2. Materials and methods
2.1. Study population
A total of 346 patients referred for CABG by the same experienced surgeon between January 2001 and December 2007 were eligible for this study. Medical history, anthropometric measurements, coronary artery angiography findings, and fasting blood samples were obtained preoperatively. Patients who experienced acute myocardial infarction or unstable angina within 30 days prior to CABG were defined as having acute coronary syndrome (ACS).
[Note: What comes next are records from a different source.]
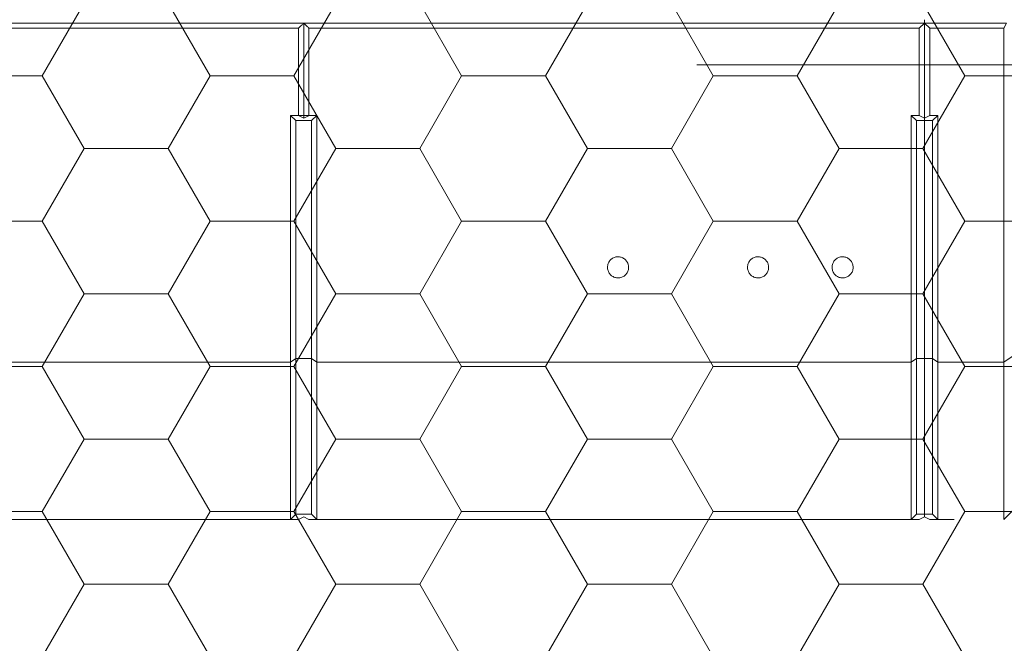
# Model space of a CAD drawing. Header units: millimetres. Extents: x 7483 to 13091, y 8111 to 13871.
# Tile 238 of 256: x 10569 to 10606, y 9245 to 9269. Entities that reach past the tile are written whole.
import ezdxf
from ezdxf import colors
from ezdxf.entities.mleader import LeaderData, LeaderLine
from ezdxf.math import Vec2, Vec3

# ---------------------------------------------------------------- set-up
doc = ezdxf.new("R2010")
doc.units = ezdxf.units.MM
for name, color, linetype, lineweight, true_color in [('_A_WYCIERACZKA', 7, 'Continuous', 5, 0xa5a5a5), ('a___wymiary', 7, 'Continuous', 5, 0x000000), ('wymiary', 7, 'Continuous', 5, 0xb2b2b2)]:
    doc.layers.add(name, color=color, linetype=linetype, lineweight=lineweight, true_color=true_color)
doc.layers.add('_A_ŚLUSARKA WYPEŁNIENIE', color=7, linetype='Continuous', true_color=0x4c4a44)
doc.layers.add('CZ-SR', color=106, linetype='Continuous', lineweight=13)
doc.layers.add('IS-went-opis', color=188, linetype='Continuous', lineweight=20)
doc.styles.add('IS', font='simplex.shx', dxfattribs={"width": 0.7})

# ---------------------------------------------------------------- blocks, each defined once
blk = doc.blocks.new('jhgjgj')
at = {"layer": 'a___wymiary'}
blk.add_line((-8303.461, -4420.286), (-8270.908, -4420.286), dxfattribs=at)
blk = doc.blocks.new('gfhgfhhf')
at = {"layer": 'a___wymiary'}
blk.add_blockref('jhgjgj', (18387.63, 9623.811), dxfattribs=at)
blk = doc.blocks.new('fgdgdgdfg')
at = {"layer": '_A_ŚLUSARKA WYPEŁNIENIE', "lineweight": 9}
h = blk.add_hatch(dxfattribs=at)
h.set_pattern_fill('HONEY', color=0, angle=180)
h.set_pattern_definition([(180, (56132.2607, -3400.6895), (-4.7625, 2.74963064), [3.175, -6.35]), (60, (56132.2607, -3400.6895), (4.76249999, 2.74963066), [3.175, -6.35]), (120, (56132.2607, -3400.6895), (-1e-08, 5.49926131), [-6.35, 3.175])])
h.paths.add_polyline_path([(5818.229, 11642.933), (5818.229, 11484.933), (6001.229, 11484.933), (6001.229, 11642.933)])
blk = doc.blocks.new('A$C68926FC6')
at = {"color": 7, "linetype": 'Continuous'}
for p, q in [((-762.01, -6), (-756.01, 0)), ((-756.01, 0), (-756.01, -59.61)), ((-737.26, 0), (-731.01, 0)), ((-731.01, -59.61), (-731.01, 0)), ((-731.01, 0), (-729.01, -2)), ((-731.01, 0), (-728.01, 0)), ((-726.01, -1), (-728.01, 0)), ((-724.01, 0), (-726.01, -1)), ((-724.01, 0), (-721.01, 0)), ((-723.01, -2), (-721.01, 0)), ((-721.01, 0), (-721.01, -59.61)), ((-721.01, 0), (-496.01, 0)), ((-496.01, -59.61), (-496.01, 0)), ((-496.01, 0), (-494.01, -2)), ((-493.01, 0), (-496.01, 0)), ((-491.01, -1), (-493.01, 0)), ((-489.01, 0), (-491.01, -1)), ((-486.01, 0), (-489.01, 0)), ((-486.01, 0), (-488.01, -2)), ((-486.01, 0), (-486.01, -59.61)), ((-486.01, 0), (-261.01, 0)), ((-729.01, -60.93), (-729.01, -2)), ((-729.01, -2), (-726.01, -2)), ((-726.01, -2), (-726.01, -1)), ((-726.01, -60.93), (-726.01, -2)), ((-723.01, -2), (-726.01, -2)), ((-723.01, -60.93), (-723.01, -2)), ((-494.01, -60.93), (-494.01, -2)), ((-494.01, -2), (-488.01, -2)), ((-488.01, -60.93), (-488.01, -2)), ((-762.01, -63.59), (-756.01, -59.61)), ((-756.01, -59.61), (-731.01, -59.61)), ((-756.01, -59.61), (-756.01, -186.01)), ((-731.01, -153), (-731.01, -59.61)), ((-731.01, -59.61), (-729.01, -60.93)), ((-723.01, -60.93), (-721.01, -59.61)), ((-721.01, -59.61), (-721.01, -153)), ((-721.01, -59.61), (-496.01, -59.61)), ((-496.01, -153), (-496.01, -59.61)), ((-496.01, -59.61), (-494.01, -60.93)), ((-486.01, -59.61), (-488.01, -60.93)), ((-486.01, -59.61), (-486.01, -153)), ((-486.01, -59.61), (-261.01, -59.61)), ((-729.01, -151.05), (-729.01, -60.93)), ((-729.01, -60.93), (-726.01, -60.93)), ((-726.01, -151.05), (-726.01, -60.93)), ((-723.01, -60.93), (-726.01, -60.93)), ((-723.01, -151.05), (-723.01, -60.93)), ((-494.01, -151.05), (-494.01, -60.93)), ((-494.01, -60.93), (-488.01, -60.93)), ((-488.01, -151.05), (-488.01, -60.93)), ((-729.01, -151.05), (-731.01, -153)), ((-729.01, -151.05), (-726.01, -151.05)), ((-728.01, -153), (-726.01, -152.02)), ((-726.01, -152.02), (-726.01, -151.05)), ((-723.01, -151.05), (-726.01, -151.05)), ((-726.01, -152.02), (-726.01, -187.97)), ((-726.01, -152.02), (-724.01, -153)), ((-721.01, -153), (-723.01, -151.05)), ((-494.01, -151.05), (-496.01, -153)), ((-494.01, -151.05), (-488.01, -151.05)), ((-486.01, -153), (-488.01, -151.05)), ((-731.01, -153), (-728.01, -153)), ((-728.01, -186.01), (-728.01, -153)), ((-721.01, -153), (-724.01, -153)), ((-724.01, -153), (-724.01, -186.01)), ((-496.01, -153), (-493.01, -153)), ((-491.01, -153.02), (-493.01, -153)), ((-489.01, -153), (-491.01, -153.02)), ((-489.01, -153), (-486.01, -153)), ((-757.01, -187.97), (-756.01, -186.01)), ((-756.01, -186.01), (-728.01, -186.01)), ((-728.01, -186.01), (-726.01, -187.97)), ((-726.01, -187.97), (-724.01, -186.01)), ((-724.01, -186.01), (-493.01, -186.01)), ((-489.01, -186.01), (-258.01, -186.01)), ((-757.01, -187.97), (-726.01, -187.97)), ((-726.01, -189.25), (-726.01, -187.97)), ((-726.01, -187.97), (-491.01, -187.97)), ((-491.01, -187.97), (-256.01, -187.97))]:
    blk.add_line(p, q, dxfattribs=at)
for points, knots in [([(-699.01, -95.5), (-698.96, -95.95), (-698.87, -96.85), (-698.18, -98.05), (-697.16, -98.96), (-695.89, -99.48), (-694.52, -99.55), (-693.21, -99.16), (-692.11, -98.36), (-691.32, -97.25), (-690.95, -95.93), (-691.04, -94.56), (-691.58, -93.3), (-692.5, -92.28), (-693.71, -91.63), (-695.06, -91.42), (-696.41, -91.67), (-697.59, -92.35), (-698.48, -93.38), (-698.94, -94.49), (-698.99, -95.22), (-699.01, -95.5)], [0, 0, 0, 0, 0.053965, 0.107935, 0.161788, 0.215428, 0.26888, 0.322249, 0.37566, 0.429225, 0.483002, 0.536965, 0.591004, 0.644963, 0.698712, 0.752212, 0.805549, 0.858887, 0.912393, 0.966144, 1, 1, 1, 1]), ([(-667.01, -95.5), (-666.96, -95.95), (-666.87, -96.85), (-666.18, -98.05), (-665.16, -98.96), (-663.89, -99.48), (-662.52, -99.55), (-661.21, -99.16), (-660.11, -98.36), (-659.32, -97.25), (-658.95, -95.93), (-659.04, -94.56), (-659.58, -93.3), (-660.5, -92.28), (-661.71, -91.63), (-663.06, -91.42), (-664.41, -91.67), (-665.59, -92.35), (-666.48, -93.38), (-666.94, -94.49), (-666.99, -95.22), (-667.01, -95.5)], [0, 0, 0, 0, 0.053965, 0.107935, 0.161788, 0.215426, 0.26888, 0.322249, 0.37566, 0.429225, 0.483002, 0.536965, 0.591004, 0.644963, 0.698712, 0.752212, 0.805549, 0.858887, 0.912393, 0.966144, 1, 1, 1, 1]), ([(-614.01, -95.5), (-613.96, -95.95), (-613.87, -96.85), (-613.18, -98.05), (-612.16, -98.96), (-610.89, -99.48), (-609.52, -99.55), (-608.21, -99.16), (-607.11, -98.36), (-606.32, -97.25), (-605.95, -95.93), (-606.04, -94.56), (-606.58, -93.3), (-607.5, -92.28), (-608.71, -91.63), (-610.06, -91.42), (-611.41, -91.67), (-612.59, -92.35), (-613.48, -93.38), (-613.94, -94.49), (-613.99, -95.22), (-614.01, -95.5)], [0, 0, 0, 0, 0.053966, 0.107934, 0.161787, 0.215427, 0.268881, 0.322249, 0.375659, 0.429224, 0.483002, 0.536965, 0.591003, 0.644963, 0.69871, 0.75221, 0.805547, 0.858888, 0.912393, 0.966145, 1, 1, 1, 1]), ([(-493.01, -153), (-492.84, -152.92), (-492.51, -152.76), (-491.84, -152.43), (-491.34, -152.19), (-491.01, -152.02)], [0, 0, 0, 0, 0.250003, 0.500005, 1, 1, 1, 1]), ([(-491.01, -152.02), (-490.67, -152.19), (-490.17, -152.43), (-489.51, -152.76), (-489.17, -152.92), (-489.01, -153)], [0, 0, 0, 0, 0.500005, 0.750002, 1, 1, 1, 1]), ([(-491.01, -153.02), (-491.01, -152.83), (-491.01, -152.5), (-491.01, -152.17), (-491.01, -152.02)], [0, 0, 0, 0, 0.559992, 1, 1, 1, 1]), ([(-493.01, -186.01), (-493.01, -180.51), (-493.01, -169.5), (-493.01, -158.5), (-493.01, -153)], [0, 0, 0, 0, 0.5, 1, 1, 1, 1]), ([(-491.01, -187.97), (-491.01, -181.45), (-491.01, -169.8), (-491.01, -158.15), (-491.01, -153.02)], [0, 0, 0, 0, 0.559971, 1, 1, 1, 1]), ([(-489.01, -186.01), (-489.01, -180.51), (-489.01, -169.5), (-489.01, -158.5), (-489.01, -153)], [0, 0, 0, 0, 0.5, 1, 1, 1, 1]), ([(-493.01, -186.01), (-492.76, -186.25), (-492.3, -186.7), (-491.63, -187.36), (-491.22, -187.77), (-491.01, -187.97)], [0, 0, 0, 0, 0.3732441, 0.6866179, 1, 1, 1, 1]), ([(-491.01, -187.97), (-490.76, -187.73), (-490.3, -187.28), (-489.63, -186.62), (-489.22, -186.21), (-489.01, -186.01)], [0, 0, 0, 0, 0.37324, 0.6866174, 1, 1, 1, 1])]:
    blk.add_open_spline(points, degree=3, knots=knots, dxfattribs=at)
blk = doc.blocks.new('c.o. ściany_2024-09-18')
at = {"xscale": 0.1, "yscale": 0.1, "zscale": 0.1, "rotation": 180}
blk.add_blockref('A$C68926FC6', (1795.934, -2201.348), dxfattribs=at)

msp = doc.modelspace()

# ---------------------------------------------------------------- block references
at = {"layer": '_A_WYCIERACZKA'}
msp.add_blockref('fgdgdgdfg', (4617.37, -2349.0217), dxfattribs=at)
at = {"layer": 'CZ-SR'}
msp.add_blockref('gfhgfhhf', (510.0352, 4063.7609), dxfattribs=at)
at = {"layer": 'wymiary'}
msp.add_blockref('c.o. ściany_2024-09-18', (8734.2884, 11451.4122), dxfattribs=at)

# ---------------------------------------------------------------- leaders
at = {"layer": 'IS-went-opis', "color": 4}
ml = msp.add_multileader_mtext('Standard', dxfattribs=at)
ml.set_content('Obniżenie 2cm na systemową\\Pwycieraczkę gumową na systemowej ramie', color=4, style='IS')
ml.set_leader_properties(linetype='Continuous', lineweight=9)
ml.build(insert=Vec2(0, 0))
ml.multileader.update_dxf_attribs({"has_dogleg": 0, "text_left_attachment_type": 6, "text_right_attachment_type": 6, "dogleg_length": 0, "arrow_head_size": 0})
ctx = ml.context
ctx.base_point, ctx.char_height, ctx.arrow_head_size, ctx.landing_gap_size, ctx.plane_origin, ctx.plane_x_axis, ctx.plane_y_axis = Vec3(10590.7891, 9326.5106), 10, 0, 2.5, Vec3(10804.1954, 9223.9637), Vec3(1, 0.0000013), Vec3(-0.0000013, 1)
ctx.left_attachment, ctx.right_attachment = 6, 6
notes = []
notes.append((ctx, [(0, (1, 1, 0), (10590.7891, 9326.5106), (1, 0.0000013), 0, [(0, [(10568.6217, 9280.1607)], 0, [])])]))
ctx.mtext.insert, ctx.mtext.text_direction, ctx.mtext.rotation, ctx.mtext.line_spacing_factor, ctx.mtext.line_spacing_style, ctx.mtext.flow_direction = Vec3(10593.289, 9340.082), Vec3(1, 0.0000013), 0.0000013, 0.96, 2, 5
for ctx, leaders in notes:
    for number, flags, end, landing, length, lines in leaders:
        leader = LeaderData()
        leader.index, (leader.has_last_leader_line, leader.has_dogleg_vector, leader.attachment_direction) = number, flags
        leader.last_leader_point, leader.dogleg_vector, leader.dogleg_length = Vec3(end), Vec3(landing), length
        for number, points, colour, breaks in lines:
            line = LeaderLine()
            line.index, line.vertices, line.color, line.breaks = number, Vec3.list(points), colors.encode_raw_color(colour), breaks
            leader.lines.append(line)
        ctx.leaders.append(leader)

doc.saveas('drawing.dxf')

Moreover, 87 patients with ongoing infectious diseases, concomitant surgical procedures other than CABG, or active malignancy were excluded from the study. Furthermore, 25 patients were lost to follow-up. Finally, 234 patients were included in this analysis. This was performed following the relevant guidelines and regulations. The study conformed to the principles outlined in the Declaration of Helsinki, and the study protocol was approved by the Institutional Review Board of the Taipei Veterans General Hospital. Informed consent was obtained from all participants.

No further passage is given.